Bernanke's "Twist" may just turn him into a bowl of butter and I hope spins him off our Federal Reserve!  We need someone in there who gives a rat's **** about the "savers" .  My letters have gone on deaf ears but if someone will advise better people I can write to, I am willing to type till my back screams with pain.  We can't sit back and pretend it won't get worse.  Read between the lines!  THEY have given us a message and are letting us know what to expect.   What a sad day for our country and US!
  |     |   Comment #19
BTW, I just sent an email to the CEO of the NCUA.  His email address can be found on their  site or it is: [email protected].  One never knows "who" will be the right person to take concern for us so why not write anyone we think may listen.  Do your part.  Get involved!
  |     |   Comment #21
I just saw that Susie Ormon was recommending Credit Unions as an option on her website.  Well I just emailed her about what is going on.  Seems to me she should know all the facts so she can forwarn people what to expect.  BTW,  "the sky isn't falling", it ALREADY FELL! 
  |     |   Comment #24
hay 23 no mr ken bashing he is the best
  |     |   Comment #25
Stop Dreaming! Interest rates will not "shoot up" because of inflation--You are dreaming!Rates are low and will stay low and even if we have inflation they will stay low--so low rates and high inflation----so who cares what the terms say----you are lucky to even get 0% interest and not have to pay the banks to hold youd money!!!
  |     |   Comment #28
#25  it would not surprise me if the banks did try to charge us to keep our money in their banks.
  |     |   Comment #27
The best way to express your opinion to Fort Knox Federal Credit Union on this matter is to close your CD when it matures and cancel your membership. I almost joined Fort Knox Federal Credit Union about a year ago, but will NEVER join them now, no matter what CD rates they are paying! THIS WAS NOT A GOOD MOVE FOR Fort Knox Federal Credit Union, AND WILL COST THEM IN THE LONG RUN! 


  |     |   Comment #30
I have never seen an advertisement on national T.V. concerning Fort Knox Federal Credit Union.  However, big national banks like Ally have been advertising a lot the last few years.  If they change the early withdrawal penalty, I think their core business would suffer greatly which they might not recover.  Just my opinion at the moment.   Maybe Fort Knox did this change when it appeared rates appeared to moving up just a few months ago but not so much now.
  |     |   Comment #31
Only a complete idiot would join Fort Knox now.  And anyone who fails to resign their membership at the earliest possible moment, without hurting themselves, is a fool richly deserving the fate which surely awaits them.

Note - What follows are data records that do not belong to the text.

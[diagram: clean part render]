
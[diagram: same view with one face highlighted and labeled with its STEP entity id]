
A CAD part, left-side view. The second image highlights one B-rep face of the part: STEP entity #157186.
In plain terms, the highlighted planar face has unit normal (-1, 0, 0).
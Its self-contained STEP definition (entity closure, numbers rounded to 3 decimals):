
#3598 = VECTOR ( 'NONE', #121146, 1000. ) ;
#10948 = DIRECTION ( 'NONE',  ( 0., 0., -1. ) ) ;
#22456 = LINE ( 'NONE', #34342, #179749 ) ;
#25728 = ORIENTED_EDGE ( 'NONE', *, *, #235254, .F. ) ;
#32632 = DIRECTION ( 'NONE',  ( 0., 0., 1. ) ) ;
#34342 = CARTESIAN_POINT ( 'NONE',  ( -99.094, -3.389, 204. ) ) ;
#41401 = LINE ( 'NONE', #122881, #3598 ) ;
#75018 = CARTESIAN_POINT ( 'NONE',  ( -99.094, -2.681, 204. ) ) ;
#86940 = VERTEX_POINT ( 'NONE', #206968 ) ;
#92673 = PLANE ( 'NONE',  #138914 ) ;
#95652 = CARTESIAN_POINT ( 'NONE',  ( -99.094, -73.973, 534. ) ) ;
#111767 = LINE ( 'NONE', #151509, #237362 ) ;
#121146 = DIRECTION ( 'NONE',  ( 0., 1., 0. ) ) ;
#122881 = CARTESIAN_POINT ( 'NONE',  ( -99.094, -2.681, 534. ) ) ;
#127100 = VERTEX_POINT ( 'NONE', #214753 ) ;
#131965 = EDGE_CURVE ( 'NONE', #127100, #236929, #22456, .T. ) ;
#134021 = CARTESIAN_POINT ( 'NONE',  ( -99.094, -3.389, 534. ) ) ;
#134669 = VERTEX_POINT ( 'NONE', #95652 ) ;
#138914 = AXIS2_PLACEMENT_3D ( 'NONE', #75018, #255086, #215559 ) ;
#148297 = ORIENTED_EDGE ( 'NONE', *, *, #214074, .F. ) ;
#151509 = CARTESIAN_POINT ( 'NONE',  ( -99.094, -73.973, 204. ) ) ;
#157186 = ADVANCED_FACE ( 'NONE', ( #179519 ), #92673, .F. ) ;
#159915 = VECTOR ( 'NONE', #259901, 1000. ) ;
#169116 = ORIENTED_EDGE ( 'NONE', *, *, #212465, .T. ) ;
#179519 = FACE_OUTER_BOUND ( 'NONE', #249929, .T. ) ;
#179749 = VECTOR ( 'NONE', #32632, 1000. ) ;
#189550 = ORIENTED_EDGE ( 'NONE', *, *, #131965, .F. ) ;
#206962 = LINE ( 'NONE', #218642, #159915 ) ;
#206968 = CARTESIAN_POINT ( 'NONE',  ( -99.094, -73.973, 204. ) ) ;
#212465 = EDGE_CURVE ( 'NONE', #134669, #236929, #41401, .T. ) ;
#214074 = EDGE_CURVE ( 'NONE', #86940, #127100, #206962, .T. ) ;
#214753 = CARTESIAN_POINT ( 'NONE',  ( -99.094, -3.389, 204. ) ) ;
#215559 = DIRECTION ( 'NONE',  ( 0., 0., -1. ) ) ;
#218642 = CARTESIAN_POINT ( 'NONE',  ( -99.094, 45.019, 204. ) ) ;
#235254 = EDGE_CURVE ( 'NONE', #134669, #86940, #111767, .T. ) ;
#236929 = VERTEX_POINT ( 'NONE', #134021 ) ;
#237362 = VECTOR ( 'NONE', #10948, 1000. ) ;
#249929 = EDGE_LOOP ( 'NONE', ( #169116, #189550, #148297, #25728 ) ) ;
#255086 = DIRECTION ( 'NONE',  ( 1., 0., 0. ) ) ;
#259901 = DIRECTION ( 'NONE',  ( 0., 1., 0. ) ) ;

Fort Knox has blacklisted itself!  Shun them!
  |     |   Comment #32
I guess we have learned a good lesson. When the Truth in Savings Disclosure says "may" or words to that effect, assume the financial institution will do what is in its best interest, not yours. In addition, if a CSR says something he or she is not willing to confirm in an e-mail, it's just so much happy talk. Bottom line: if you buy a CD, assume you will hold it to maturity. Do NOT assume early withdrawal penalties in effect at the time you bought the CD will be honored, unless you "get it in writing" (good luck on that). Am I suggesting all those folks who bought Ally 5-year CDs are in for a rude shock should interest rates spike? Draw your own conclusions.
  |     |   Comment #33
I'm fairly familiar with the NCUA and it's regulatory agenda. Since no specific federal statute or regulation has been impinged upon here, the NCUA didn't have any business interpreting the FK FCU membership agreement.  In other words, the opinion is worthless. The appropriate procedure for resolving this issue would be for a depositor to petition a court to have Section 29 of the membership agreement invalidated. The problem with Section 29 is that, when construed literally, it provides FK FCU with absolute discretion to do whatever it deems appropriate with any CD at any time. That conflicts with the terms of the CD agreement itself, especially those sections of it pertaining to duration, rate of interest and penalties. In other words, for you whose early withdrawal penalties have been retroactively increased, this clause is probably unenforcable because of the inherent conflict it creates. Now that this problem has been exposed, I wouldn't recommend opening  a new CD or renewing one at FK FCU if Section 29 remains in the membership agreement. On the other hand, for the adventurous depositor who retroactively incurs the enhanced early withdrawal penalty, this would present an opportunity to file a really interesting lawsuit. 
  |     |   Comment #34
If rates spike, and they will at some point, there will be a rush to the Ally exit door and Ally would not have nearly enough liquid assets to convert to the cash necessary to pay the CD holders trying to reach the exit, nor would Ally be able to borrow the cash needed. Result?....Ally would bar all the exits shut either by raising the EWP, or by prohobiting an early withdrawl period, or a combination of both, and I would be among those trapped in the building. A similar result would be experienced by CD holders in other banks and CU's also....and you don't need a crystal ball to reach this conclusion, just a bit of common sense. Hindsight is a wonderful thing.
  |     |   Comment #35
Ken posted yesterday about good rates from Firstmark CU in San Antonio. Their agreement is pretty clear about early withdrawals...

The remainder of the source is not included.